Nighttime. The one on the left is laughing at something on their phone. I can imagine the sound, its warmth, its ease. The one on the right is pacing the room carefully, speaking aloud. I can’t see any headset and I’m forced to believe that they’re talking to themselves. They carry on their conversation for an hour, divided by a wall, the one on the left nodding and laughing and sighing, the one on the right, gesticulating and bending over and rolling eyes. The one on the left stands up and walks to the kitchen and pours a bottle of wine that looks black in the lighting. The one on the right enters the kitchen too, continuing the monologue while leaning on the marble bench top. The one on the left sips at the wine.

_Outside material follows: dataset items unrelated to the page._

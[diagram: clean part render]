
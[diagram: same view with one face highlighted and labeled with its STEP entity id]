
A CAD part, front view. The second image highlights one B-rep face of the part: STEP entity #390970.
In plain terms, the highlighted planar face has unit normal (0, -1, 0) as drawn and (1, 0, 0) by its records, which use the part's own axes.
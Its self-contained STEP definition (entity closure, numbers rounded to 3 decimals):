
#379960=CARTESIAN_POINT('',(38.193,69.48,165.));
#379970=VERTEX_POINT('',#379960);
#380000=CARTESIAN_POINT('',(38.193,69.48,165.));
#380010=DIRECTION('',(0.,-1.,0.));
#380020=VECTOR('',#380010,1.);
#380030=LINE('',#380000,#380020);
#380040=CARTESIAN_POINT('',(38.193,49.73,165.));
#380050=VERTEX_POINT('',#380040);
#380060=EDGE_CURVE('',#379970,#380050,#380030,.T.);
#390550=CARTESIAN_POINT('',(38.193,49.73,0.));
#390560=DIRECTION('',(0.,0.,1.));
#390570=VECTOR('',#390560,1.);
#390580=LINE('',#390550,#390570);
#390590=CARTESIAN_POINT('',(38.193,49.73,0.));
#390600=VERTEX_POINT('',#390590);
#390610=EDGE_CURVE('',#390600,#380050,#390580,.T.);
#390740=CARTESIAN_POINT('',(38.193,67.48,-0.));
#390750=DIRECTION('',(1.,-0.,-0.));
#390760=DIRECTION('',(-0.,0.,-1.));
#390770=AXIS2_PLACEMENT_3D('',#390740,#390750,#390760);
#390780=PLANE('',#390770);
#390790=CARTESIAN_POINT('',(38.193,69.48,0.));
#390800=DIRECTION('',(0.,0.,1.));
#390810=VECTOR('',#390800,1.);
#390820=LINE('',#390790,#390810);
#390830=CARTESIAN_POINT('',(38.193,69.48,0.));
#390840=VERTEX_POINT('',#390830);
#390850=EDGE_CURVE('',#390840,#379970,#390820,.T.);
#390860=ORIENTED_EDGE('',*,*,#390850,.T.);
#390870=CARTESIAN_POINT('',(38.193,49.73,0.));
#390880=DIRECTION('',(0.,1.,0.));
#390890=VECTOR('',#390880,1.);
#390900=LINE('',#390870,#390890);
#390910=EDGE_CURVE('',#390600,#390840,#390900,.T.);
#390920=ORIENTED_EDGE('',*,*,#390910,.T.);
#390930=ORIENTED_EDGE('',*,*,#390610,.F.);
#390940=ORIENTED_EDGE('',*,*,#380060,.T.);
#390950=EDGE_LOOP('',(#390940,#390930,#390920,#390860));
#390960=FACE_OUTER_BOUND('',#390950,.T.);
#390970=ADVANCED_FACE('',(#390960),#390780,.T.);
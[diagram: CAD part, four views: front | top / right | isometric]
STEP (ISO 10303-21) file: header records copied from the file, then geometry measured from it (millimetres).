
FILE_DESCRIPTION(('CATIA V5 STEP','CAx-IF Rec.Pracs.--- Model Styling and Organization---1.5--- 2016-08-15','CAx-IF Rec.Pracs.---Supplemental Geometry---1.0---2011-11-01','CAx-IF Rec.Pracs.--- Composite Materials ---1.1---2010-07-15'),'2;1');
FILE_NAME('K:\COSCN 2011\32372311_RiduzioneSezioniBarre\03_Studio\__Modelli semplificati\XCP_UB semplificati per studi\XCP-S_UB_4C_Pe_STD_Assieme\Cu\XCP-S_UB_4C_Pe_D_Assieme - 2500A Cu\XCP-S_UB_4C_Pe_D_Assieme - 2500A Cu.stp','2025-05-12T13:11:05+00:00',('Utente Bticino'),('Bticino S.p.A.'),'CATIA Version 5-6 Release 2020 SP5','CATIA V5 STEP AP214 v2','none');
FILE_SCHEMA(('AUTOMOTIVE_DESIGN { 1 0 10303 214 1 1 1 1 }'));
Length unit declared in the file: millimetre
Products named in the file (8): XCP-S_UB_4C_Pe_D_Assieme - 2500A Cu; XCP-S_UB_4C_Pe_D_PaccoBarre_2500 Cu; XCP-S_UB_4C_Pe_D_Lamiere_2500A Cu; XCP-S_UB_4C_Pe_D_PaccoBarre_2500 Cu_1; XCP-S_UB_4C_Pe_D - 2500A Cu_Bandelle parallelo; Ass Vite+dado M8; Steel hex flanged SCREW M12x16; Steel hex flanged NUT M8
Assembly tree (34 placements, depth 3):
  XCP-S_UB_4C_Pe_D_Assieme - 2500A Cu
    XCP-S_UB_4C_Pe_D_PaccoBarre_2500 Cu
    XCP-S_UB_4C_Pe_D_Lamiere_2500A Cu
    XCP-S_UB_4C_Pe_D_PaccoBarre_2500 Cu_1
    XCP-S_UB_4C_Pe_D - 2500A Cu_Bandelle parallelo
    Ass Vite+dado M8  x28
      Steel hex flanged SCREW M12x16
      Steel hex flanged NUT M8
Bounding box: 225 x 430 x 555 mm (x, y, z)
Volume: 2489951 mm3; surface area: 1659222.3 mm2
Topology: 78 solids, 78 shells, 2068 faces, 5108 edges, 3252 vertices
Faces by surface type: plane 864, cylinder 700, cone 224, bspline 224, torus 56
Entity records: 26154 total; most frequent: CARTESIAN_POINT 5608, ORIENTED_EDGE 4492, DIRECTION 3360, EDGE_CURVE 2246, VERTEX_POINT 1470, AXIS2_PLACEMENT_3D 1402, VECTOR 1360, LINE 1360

I wonder. I wonder if, if they were to see each other, behaving the way they do in their own apartments – separate from one another – would they continue to behave the same? I wonder if, if they knew I could see them in such detail, would they draw the curtains, or would they act differently? I wonder if the compartments they find themselves in are safe havens, or if they are lies, constructed by the occupants to retreat to when they have no way of coping with the city and its billowing gusts of exhaust, and day old cigarette smoke. I wonder if, if they knew any of this, would it matter to them? Would they just continue watching their TV, or drinking their coffee, completely aware of the ticking of the world, completely helpless to change it, and completely at ease with its passing.